# CO2 Regulator leak problem



## co2art (May 28, 2014)

Are you using a wrench to tighten the connection at the cylinder? (Sorry, have to ask the obvious stuff first...)


----------



## lksdrinker (Feb 12, 2014)

Thats weird. I cant imagine why that nut would back itself off unless someone intervened. While brass is soft, it shouldn't "wear out". I think a more likely possibility is that someone could have cross threaded it at some point but you would likely sense this when starting to tighten it down by hand. 

I wouldn't normally suggest using something like threadlock on these systems, but maybe a small dab would help out with this issue.

Its also strange that your soapy water leak test didnt show the co2 escaping from this area?


----------



## Paxx (Dec 17, 2012)

co2art said:


> Are you using a wrench to tighten the connection at the cylinder? (Sorry, have to ask the obvious stuff first...)


I use a wrench similar to this. It came with a beer system I have. 



lksdrinker said:


> Its also strange that your soapy water leak test didnt show the co2 escaping from this area?


The first couple times I did soap it in the morning before tightening and it was bubbling/leaking, after tightening - no leaks.


----------



## PlantedRich (Jul 21, 2010)

That wrench is best thrown in the trash!!! Free give aways are often that way. A good wrench is an 8-10 inch Cresent type. They have the length to give good leverage as well as have the flat jaws to avoid tearing the fitting up. Finger tight the fitting and then turn it 1/4 to 1/2 turn more and then do the soap test before opening anything else. Money saved on wrenchs is often lost on gas?


----------



## ichy (Apr 6, 2015)

Adding some teflon tape may help, and ya, ditch that wrench, it is probably hurting your hand before you get it tight enough!


----------



## co2art (May 28, 2014)

Why do people keep recommending Teflon tape on that connection?

NO!!!


----------



## ichy (Apr 6, 2015)

co2art said:


> Why do people keep recommending Teflon tape on that connection?
> 
> NO!!!


Why not?


----------



## lksdrinker (Feb 12, 2014)

PlantedRich said:


> A good wrench is an 8-10 inch Cresent type.


I assume when you refer to crescent you're talking an adjustable wrench? ( I was always scolded in a garage for using this term since crescent is technically a brand known for making adjustable wrenches). 

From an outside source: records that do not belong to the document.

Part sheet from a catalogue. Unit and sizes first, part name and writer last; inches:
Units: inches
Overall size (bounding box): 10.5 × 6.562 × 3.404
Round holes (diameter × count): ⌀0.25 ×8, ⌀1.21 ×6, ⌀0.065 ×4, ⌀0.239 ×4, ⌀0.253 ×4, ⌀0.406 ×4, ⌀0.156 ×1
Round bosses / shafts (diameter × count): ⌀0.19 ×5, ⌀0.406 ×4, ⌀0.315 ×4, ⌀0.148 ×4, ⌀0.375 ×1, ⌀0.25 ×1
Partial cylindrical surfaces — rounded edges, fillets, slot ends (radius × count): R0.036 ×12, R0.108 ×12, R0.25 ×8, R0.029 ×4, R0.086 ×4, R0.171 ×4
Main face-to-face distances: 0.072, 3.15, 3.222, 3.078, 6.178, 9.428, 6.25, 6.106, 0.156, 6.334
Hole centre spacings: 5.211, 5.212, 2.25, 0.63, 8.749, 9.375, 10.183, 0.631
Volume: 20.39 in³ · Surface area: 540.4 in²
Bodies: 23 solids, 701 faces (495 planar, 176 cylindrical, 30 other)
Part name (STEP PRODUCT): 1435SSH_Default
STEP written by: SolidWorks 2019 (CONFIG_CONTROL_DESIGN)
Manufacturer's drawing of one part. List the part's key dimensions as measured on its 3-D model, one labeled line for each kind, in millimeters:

A better wrench is a properly sized open ended wrench. 



ichy said:


> Why not?


Because its not needed nor intended to be used in this spot. Little bits of teflon can easily get pushed into the system causing other problems later. Thats why you use a washer in between the connections. The washer should provide the seal, not the threads.


----------



## ichy (Apr 6, 2015)

lksdrinker said:


> I assume when you refer to crescent you're talking an adjustable wrench? ( I was always scolded in a garage for using this term since crescent is technically a brand known for making adjustable wrenches).
> 
> A better wrench is a properly sized open ended wrench.
> 
> ...


Yes, the seal is between the plastic O ring and the stem, but if the nut is coming loose it might be a solution.


----------



## behemoth (Sep 28, 2015)

I'm way new to this, but is there any chance the nylon washers are slightly deformed?

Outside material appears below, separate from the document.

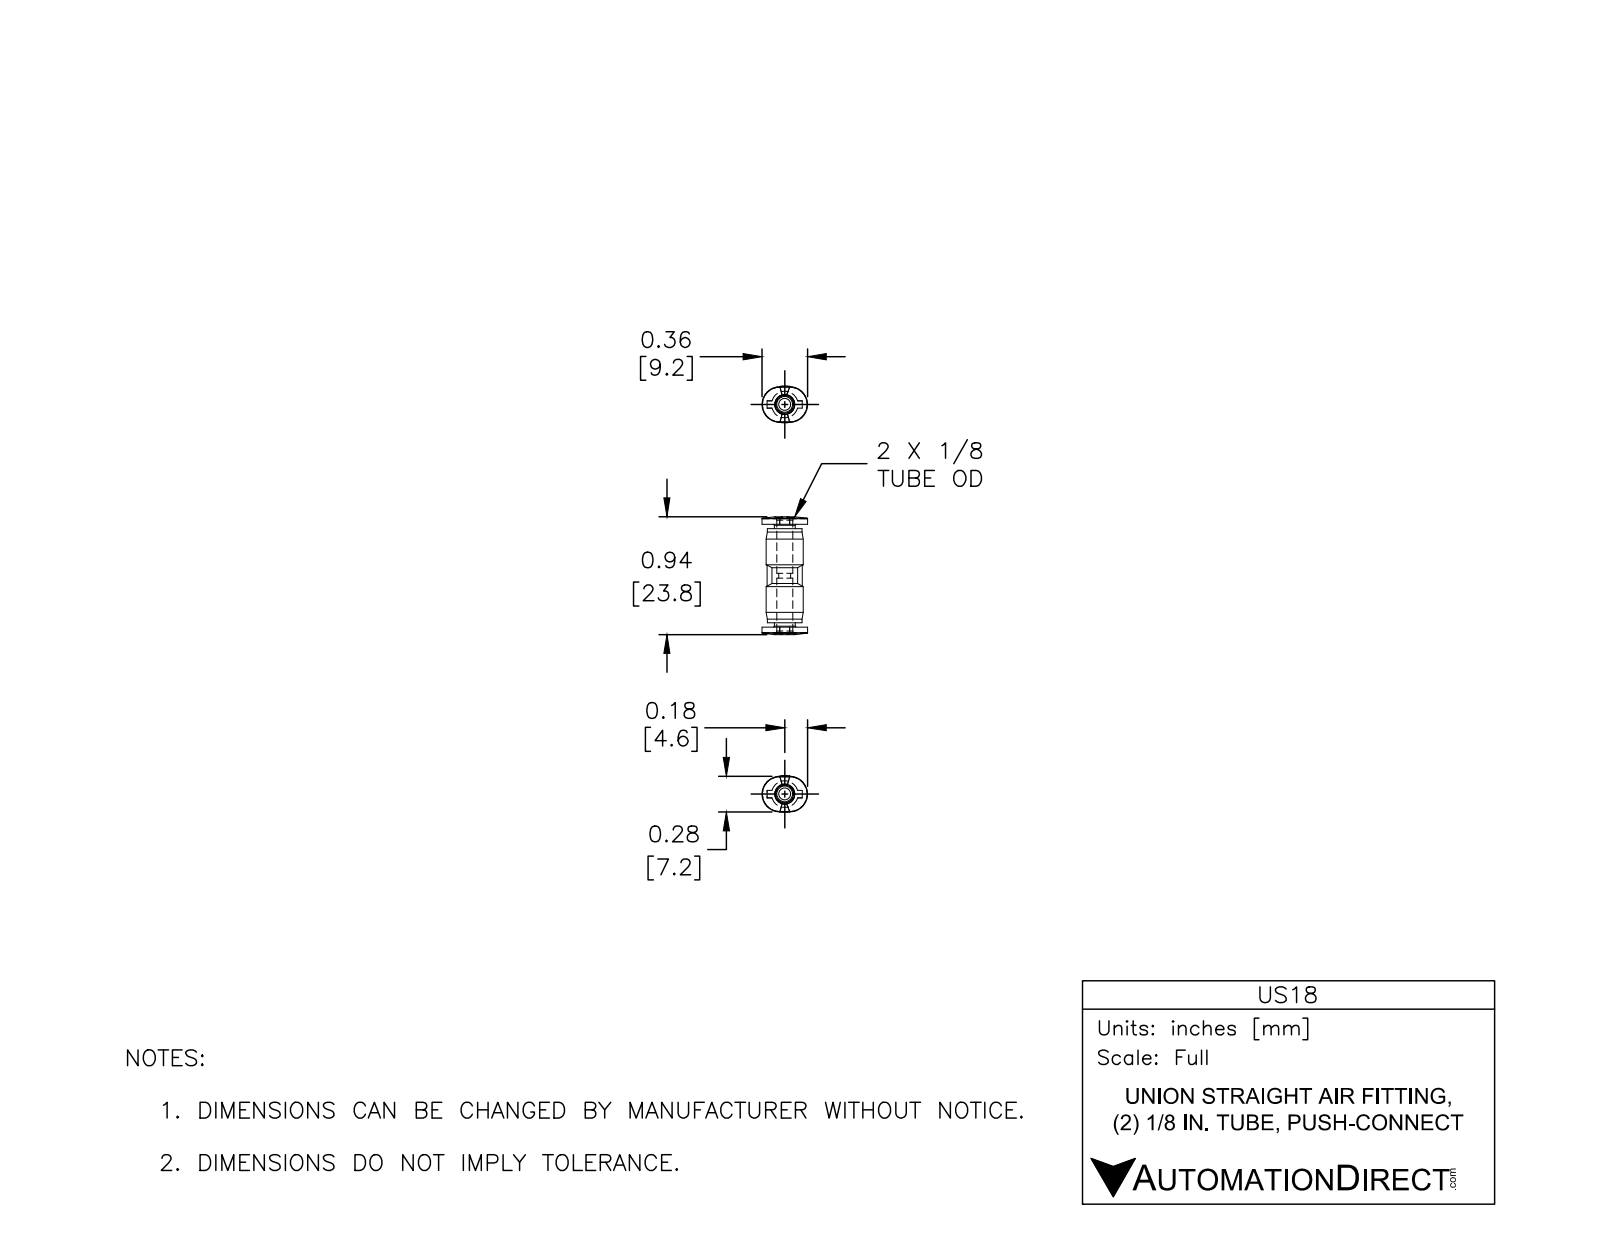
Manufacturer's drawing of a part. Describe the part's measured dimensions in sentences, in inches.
The part is named "US18". Its 3-D file was written by "SolidWorks 2015 (CONFIG_CONTROL_DESIGN)". It is 1 solid with 87 faces: 18 planar, 25 cylindrical and 44 other. Overall it measures 0.937 by 0.362 by 0.295 inches. Its volume is 0.045 cubic inches and its surface area 1.558 square inches. Round holes: 1 of diameter 0.094, 1 of diameter 0.126. Round bosses or shafts: 1 of diameter 0.295, 1 of diameter 0.276, 1 of diameter 0.213, 1 of diameter 0.165. Partial cylindrical surfaces (rounded edges, fillets, slot ends): 2 of radius 0.142. The main face-to-face distances are 0.035, 0.783, 0.819, 0.748, 0.112, 0.171, 0.059, 0.39, 0.429, 0.354.

Also I got the brass permaseal with my gla. Maybe give it a shot?

Also maybe get an expert to look at the threads.

Good luck


----------



## kevmo911 (Sep 24, 2010)

You shouldn't have any problems using an adjustable wrench on something that big, but a standard open-ended wrench would be better. Make sure you're using a nylon seal - I've found the compressed paper seals are crap, and I don't particularly like the permaseals, though others use them without problems.

First, check the nut and cylinder stem threads for damage. If all clear, finger tighten. And then use the wrench and crank that puppy. Yes, brass is a "soft" metal, but those are really big threads. I can't remember the last time I read about somebody damaging CGA nut threads by over-tightening. In fact, I'm not sure I ever have read about it. I'm sure it happens, but you'd really need to hulk out on that thing. Not something to worry about.

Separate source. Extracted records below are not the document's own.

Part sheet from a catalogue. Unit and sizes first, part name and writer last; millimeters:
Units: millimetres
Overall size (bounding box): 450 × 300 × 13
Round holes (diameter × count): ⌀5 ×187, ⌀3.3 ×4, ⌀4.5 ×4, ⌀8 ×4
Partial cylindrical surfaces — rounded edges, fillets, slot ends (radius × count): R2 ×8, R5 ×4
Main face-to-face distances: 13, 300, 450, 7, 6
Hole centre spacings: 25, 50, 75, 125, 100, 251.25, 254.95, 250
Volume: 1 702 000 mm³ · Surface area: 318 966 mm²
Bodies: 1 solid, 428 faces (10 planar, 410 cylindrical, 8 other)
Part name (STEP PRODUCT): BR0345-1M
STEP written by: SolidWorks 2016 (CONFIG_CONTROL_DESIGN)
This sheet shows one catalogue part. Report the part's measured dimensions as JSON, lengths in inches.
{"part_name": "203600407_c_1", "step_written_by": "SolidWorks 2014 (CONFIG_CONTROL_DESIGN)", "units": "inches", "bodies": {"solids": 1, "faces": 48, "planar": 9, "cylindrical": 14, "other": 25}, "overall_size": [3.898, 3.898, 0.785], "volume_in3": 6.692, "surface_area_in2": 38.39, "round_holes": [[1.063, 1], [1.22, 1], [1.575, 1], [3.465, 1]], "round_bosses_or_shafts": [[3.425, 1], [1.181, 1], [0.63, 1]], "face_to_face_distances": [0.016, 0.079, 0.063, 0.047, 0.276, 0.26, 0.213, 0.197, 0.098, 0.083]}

And when you're done, make a mark from the nut to the cylinder stem. And leak test in 3 places - both sides of the CGA nut, and where the nipple meets the regulator. Finding the nut loose is really a head-scratcher.

Also, it's a pretty big leak if a 10# cylinder lasts days. You might actually be able to hear it at that rate.

No teflon tape at that joint, please.


----------



## PlantedRich (Jul 21, 2010)

I doubt that I have ever owned a Crescent wrench! That is why I refer to using a Crescent type wrench as the Crescent brand is the best known type. But the reason for the loose fitting is not much mystery at all to me. It just never got tightened. When girls from the office first started making their way into the craft jobs, this was a common problem until we got different wrenches for them to use. We used fifty pound tanks and it doesn't take long to spot the trouble when you set a tank and it's empty the next day.


----------



## Argus (May 22, 2013)

lksdrinker said:


> I assume when you refer to crescent you're talking an adjustable wrench? ( I was always scolded in a garage for using this term since crescent is technically a brand known for making adjustable wrenches).
> 
> A better wrench is a properly sized open ended wrench.
> 
> Because its not needed nor intended to be used in this spot. Little bits of teflon can easily get pushed into the system causing other problems later. Thats why you use a washer in between the connections. The washer should provide the seal, not the threads.


I think the issue is that the seal is not in the threads. Teflon tape is used on threaded pipe to insure a seal. 

With a regulator to tank connection, the threaded nut only applies force to the connection. It does not create the seal. So, Teflon tape on the threads just gets in the way of a tight connection by making it more difficult to tighten the nut.

If using a better wrench doesn't work, I would suspect there is something wrong with the Nylon washers being used. Perhaps they are something other than Nylon. I would try finding another source. Or, use a GLA brass Permaseal. The Permaseal is designed to be hand tightened.


----------



## Paxx (Dec 17, 2012)

Thank you all for your suggestions and advice. I believe Kevmo figured out my particular problem (first anyway).



kevmo911 said:


> Make sure you're using a nylon seal - I've found the compressed paper seals are crap ...


As described above I have been using GLA nylon washers. I bought a dozen or so along with the system 3 years ago. 

Recently however I noticed I was running low on washers so I picked up a few more at Airgas during my last refill after which all this began. I just asked the guy for more washers and was not specific that they be nylon or PTFE. The ones he grabbed looked "plastic" to me, but I didnt really pay attention much either as I was unaware of the subtle difference between nylon washers and the fiber washers I bought. My bad - not Airgas.

Needless to say I redid the connection using my last GLA nylon, cranked it down as usual and this morning all is well.

Now I know something new about regulators - again.
Thanks again everyone


----------



## PortalMasteryRy (Oct 16, 2012)

co2art said:


> Why do people keep recommending Teflon tape on that connection?
> 
> NO!!!


He's right. The plastic washer is positioned so the seal is flat against the side of the nut and the male thread of the C02 tank hence no gas should be leaking from the threads and no need for the teflon tape at that connection.

If you replaced the plastic washer then use a good wrench to tighten it.


----------